** Required action **
Repeat the entries exactly, and do not carry the pictures over.

Items from a data source:
Content starts
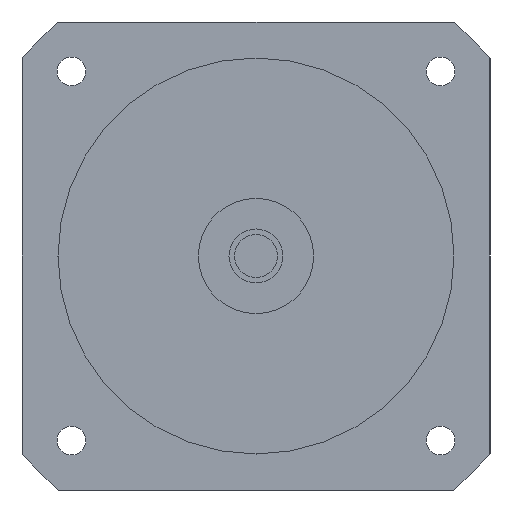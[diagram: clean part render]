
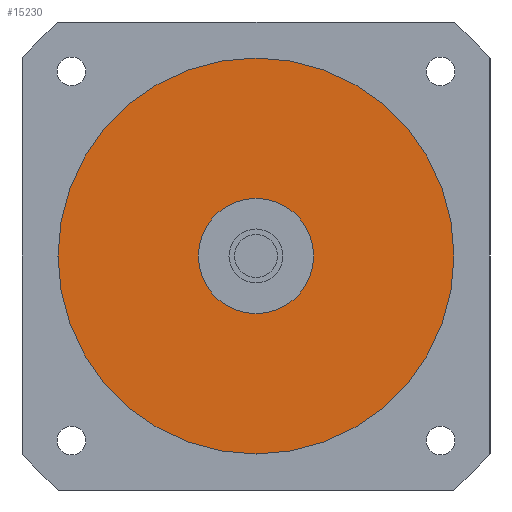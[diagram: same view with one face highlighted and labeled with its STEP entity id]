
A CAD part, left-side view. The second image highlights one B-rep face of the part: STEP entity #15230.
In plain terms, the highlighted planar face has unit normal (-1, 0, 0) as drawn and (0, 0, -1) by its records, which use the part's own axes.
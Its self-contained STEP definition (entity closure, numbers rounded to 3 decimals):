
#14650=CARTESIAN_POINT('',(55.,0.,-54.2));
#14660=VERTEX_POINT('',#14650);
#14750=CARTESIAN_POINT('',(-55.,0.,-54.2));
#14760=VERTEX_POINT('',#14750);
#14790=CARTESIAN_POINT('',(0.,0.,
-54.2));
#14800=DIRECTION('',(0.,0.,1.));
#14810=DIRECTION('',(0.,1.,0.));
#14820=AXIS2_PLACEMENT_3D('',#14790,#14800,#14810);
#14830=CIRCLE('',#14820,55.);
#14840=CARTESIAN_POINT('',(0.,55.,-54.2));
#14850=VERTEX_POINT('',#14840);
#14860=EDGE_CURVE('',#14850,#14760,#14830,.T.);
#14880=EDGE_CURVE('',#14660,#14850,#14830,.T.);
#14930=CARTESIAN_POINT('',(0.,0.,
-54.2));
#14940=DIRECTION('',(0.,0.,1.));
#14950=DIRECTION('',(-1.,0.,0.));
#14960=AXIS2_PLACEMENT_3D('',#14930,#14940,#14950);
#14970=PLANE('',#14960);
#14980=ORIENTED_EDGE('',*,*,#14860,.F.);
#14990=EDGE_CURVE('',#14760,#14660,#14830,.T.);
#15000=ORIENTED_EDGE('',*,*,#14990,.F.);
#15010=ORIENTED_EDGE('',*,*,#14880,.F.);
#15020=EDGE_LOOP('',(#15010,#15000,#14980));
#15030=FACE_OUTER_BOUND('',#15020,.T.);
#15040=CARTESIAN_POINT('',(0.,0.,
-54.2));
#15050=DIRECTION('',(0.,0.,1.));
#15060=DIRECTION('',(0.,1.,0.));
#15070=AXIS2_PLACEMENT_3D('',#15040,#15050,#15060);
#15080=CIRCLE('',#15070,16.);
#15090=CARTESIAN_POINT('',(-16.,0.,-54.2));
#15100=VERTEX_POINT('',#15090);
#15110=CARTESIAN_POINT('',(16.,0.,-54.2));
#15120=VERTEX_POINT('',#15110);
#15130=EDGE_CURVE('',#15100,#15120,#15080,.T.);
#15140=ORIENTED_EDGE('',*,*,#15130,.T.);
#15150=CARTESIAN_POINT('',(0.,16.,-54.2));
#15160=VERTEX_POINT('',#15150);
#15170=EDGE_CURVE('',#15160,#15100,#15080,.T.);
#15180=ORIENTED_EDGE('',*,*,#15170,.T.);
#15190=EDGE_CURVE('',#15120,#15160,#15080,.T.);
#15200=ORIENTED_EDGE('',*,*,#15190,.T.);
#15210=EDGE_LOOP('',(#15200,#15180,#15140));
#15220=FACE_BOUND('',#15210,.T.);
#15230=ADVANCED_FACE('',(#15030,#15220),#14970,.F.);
Content ends
** Task answer **
[diagram: clean part render]
[diagram: same view with one face highlighted and labeled with its STEP entity id]
A CAD part, left-side view. The second image highlights one B-rep face of the part: STEP entity #15230.
In plain terms, the highlighted planar face has unit normal (-1, 0, 0) as drawn and (0, 0, -1) by its records, which use the part's own axes.
Its self-contained STEP definition (entity closure, numbers rounded to 3 decimals):
#14650=CARTESIAN_POINT('',(55.,0.,-54.2));
#14660=VERTEX_POINT('',#14650);
#14750=CARTESIAN_POINT('',(-55.,0.,-54.2));
#14760=VERTEX_POINT('',#14750);
#14790=CARTESIAN_POINT('',(0.,0.,
-54.2));
#14800=DIRECTION('',(0.,0.,1.));
#14810=DIRECTION('',(0.,1.,0.));
#14820=AXIS2_PLACEMENT_3D('',#14790,#14800,#14810);
#14830=CIRCLE('',#14820,55.);
#14840=CARTESIAN_POINT('',(0.,55.,-54.2));
#14850=VERTEX_POINT('',#14840);
#14860=EDGE_CURVE('',#14850,#14760,#14830,.T.);
#14880=EDGE_CURVE('',#14660,#14850,#14830,.T.);
#14930=CARTESIAN_POINT('',(0.,0.,
-54.2));
#14940=DIRECTION('',(0.,0.,1.));
#14950=DIRECTION('',(-1.,0.,0.));
#14960=AXIS2_PLACEMENT_3D('',#14930,#14940,#14950);
#14970=PLANE('',#14960);
#14980=ORIENTED_EDGE('',*,*,#14860,.F.);
#14990=EDGE_CURVE('',#14760,#14660,#14830,.T.);
#15000=ORIENTED_EDGE('',*,*,#14990,.F.);
#15010=ORIENTED_EDGE('',*,*,#14880,.F.);
#15020=EDGE_LOOP('',(#15010,#15000,#14980));
#15030=FACE_OUTER_BOUND('',#15020,.T.);
#15040=CARTESIAN_POINT('',(0.,0.,
-54.2));
#15050=DIRECTION('',(0.,0.,1.));
#15060=DIRECTION('',(0.,1.,0.));
#15070=AXIS2_PLACEMENT_3D('',#15040,#15050,#15060);
#15080=CIRCLE('',#15070,16.);
#15090=CARTESIAN_POINT('',(-16.,0.,-54.2));
#15100=VERTEX_POINT('',#15090);
#15110=CARTESIAN_POINT('',(16.,0.,-54.2));
#15120=VERTEX_POINT('',#15110);
#15130=EDGE_CURVE('',#15100,#15120,#15080,.T.);
#15140=ORIENTED_EDGE('',*,*,#15130,.T.);
#15150=CARTESIAN_POINT('',(0.,16.,-54.2));
#15160=VERTEX_POINT('',#15150);
#15170=EDGE_CURVE('',#15160,#15100,#15080,.T.);
#15180=ORIENTED_EDGE('',*,*,#15170,.T.);
#15190=EDGE_CURVE('',#15120,#15160,#15080,.T.);
#15200=ORIENTED_EDGE('',*,*,#15190,.T.);
#15210=EDGE_LOOP('',(#15200,#15180,#15140));
#15220=FACE_BOUND('',#15210,.T.);
#15230=ADVANCED_FACE('',(#15030,#15220),#14970,.F.);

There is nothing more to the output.